3) Frequency - at least for our firm, we deploy credit funds faster the equity funds, i.e. you should receive carry more regularly

4) Tax treatment - I admit it is complicated but I know several firms which have found a workaround to have the same tax treatment as equity funds - talking about Europe

So if you have a homerun fund, carry in PE will a lot better compared to PC - but PC carry is definitely not irrelavant and better to forecast

 

Assuming we are taking about BO's debt oriented products, these generate interest and occasionally dividend income with limited capital gains. There is really no tax advantage to earn carried interest if the underlying investments don't generate material capital gains as you won't benefit from the carried interest tax benefit...that being said, unless you're a partner it is usually better to just earn higher cash comp at debt funds.

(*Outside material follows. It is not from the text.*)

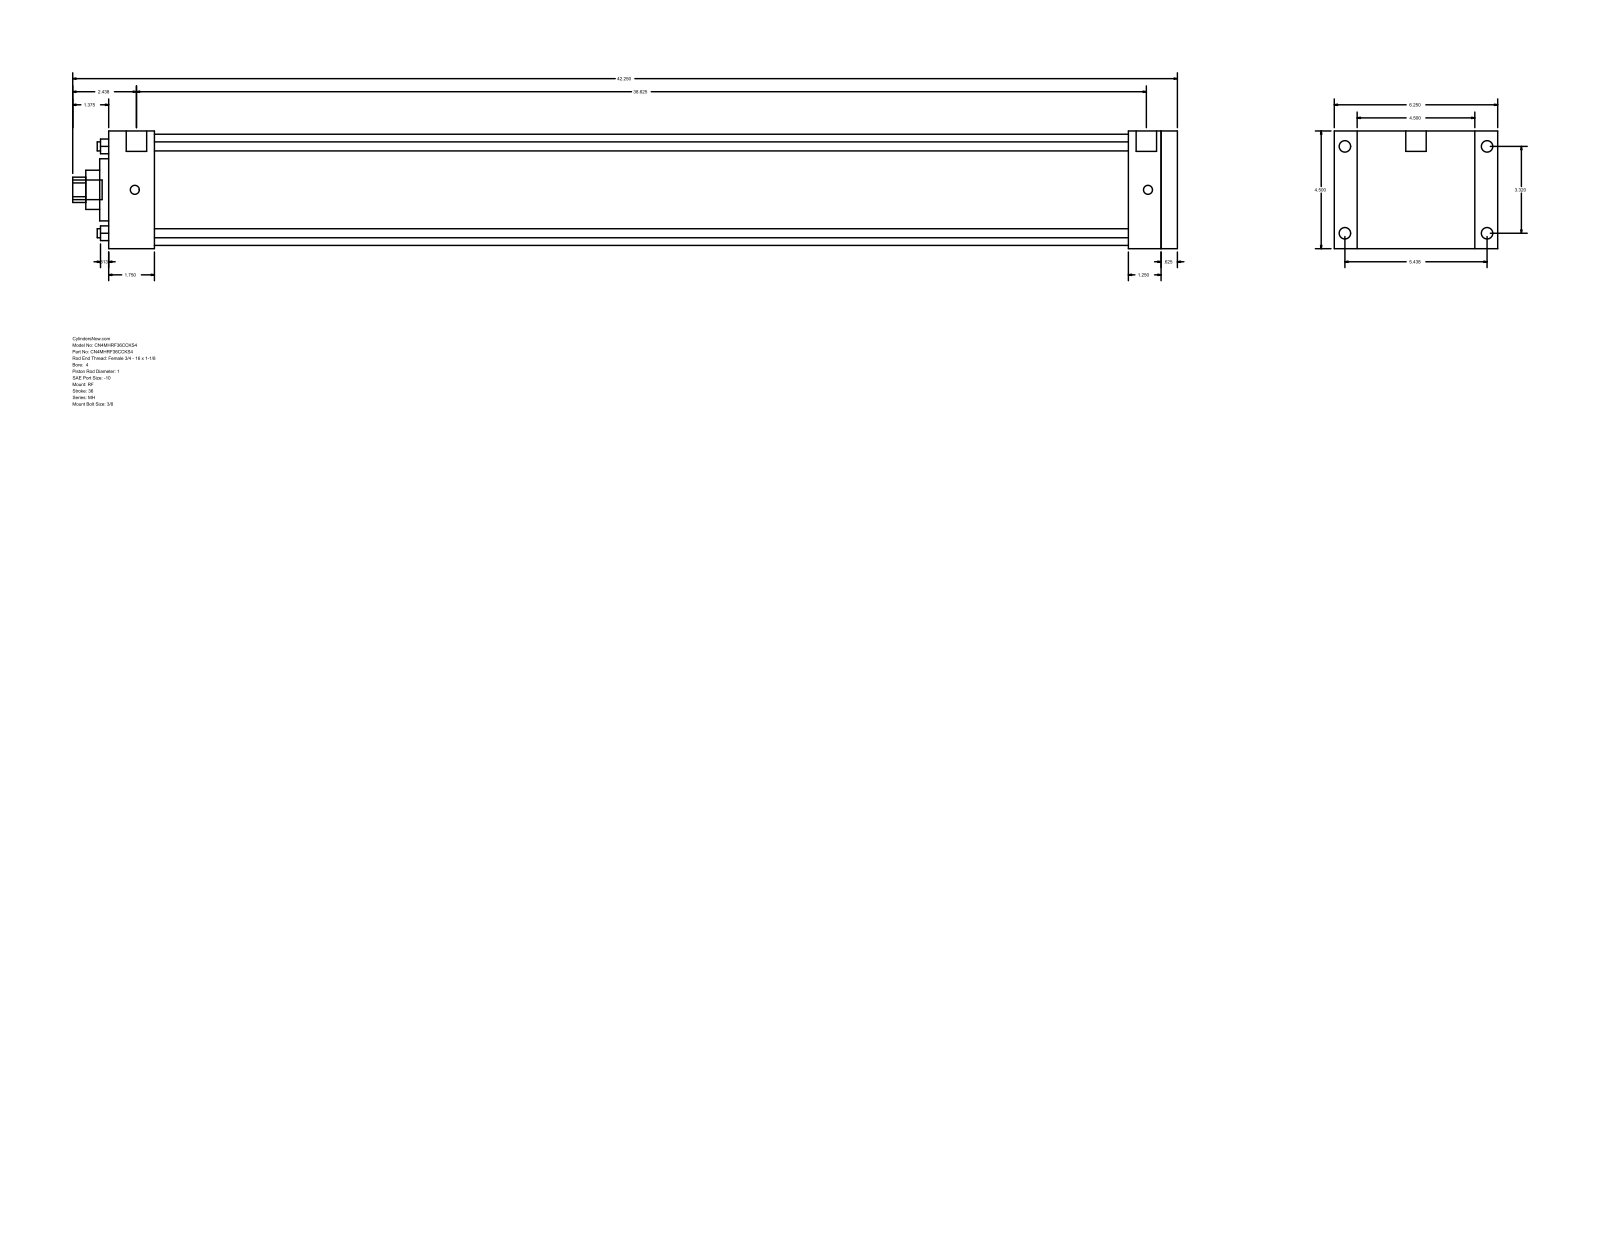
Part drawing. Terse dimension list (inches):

BTW: most people have no idea what I'm talking about when I mention the above and then after some research they freak out and realize that the carry they're going to get from their debt funds will be taxed the shit out of lol

 

People in credit hear “carry” and automatically associate it with PE carry. Not here to debate the inputs/variables but just to provide back of the envelope math for some context.

Per $1b of fund size. Regular way direct lending in a normalized non SOFR > 5% environment. 1.3-1.4x so call it 1.35x. Incentive fee 12.5% (generous on a blended basis). European waterfall. Each point of carry is worth $437.5k. More than likely starts paying out beginning in Year 6. Taxed as ordinary income. In this example, I’d take an extra $50-$75k/year in bonus all day long.

 

Ha, there are a ton of other reasons why investing roles are more fun than IBanking roles. I worked for a schmucky little Growth Equity shop straight outta college and didn't make shit but it was a cool gig for sure and I still haven't totally gotten used to being a service provider bitch boy. Mostly it's just nice to get to look at deals once someone else has gone through the pain in the ass "prepping materials" phase that takes massive amounts of work and iterations on the IB side. Turning the clients cluster-fuck of an FP&A model into a sensible, clean Financial Model and tying out different inconsistencies that always seem to exist within Audits, QoEs, internal financials, etc. is always a pain in the ass. Great when someone does all that stuff for you, pulls together an investment highlights memo (CIM/OM/Whatever) for you and pulls the data room together for you. Sucks to be the one pulling it together sometimes. Also, you only have to speak for your fund and what your fund is willing to do. In banking you're talking to dozens of interested accounts and end up having to pull together prelim diligence requests or model out their term sheets for ALL of them. On the investing side you only have to worry about servicing your specific DD analyses (and the bankers often do it for you anyway) and/or running your specific proposed structure through your model. 

Just my $0.02 but I was as a super LMM shop with great WLB, I'm sure being an Associate at Apollo or somewhere like that is still pretty brutal.  

 

Do you know what the comp is roughly on the GP stakes side of owl and how much approximately associate or VP carry is?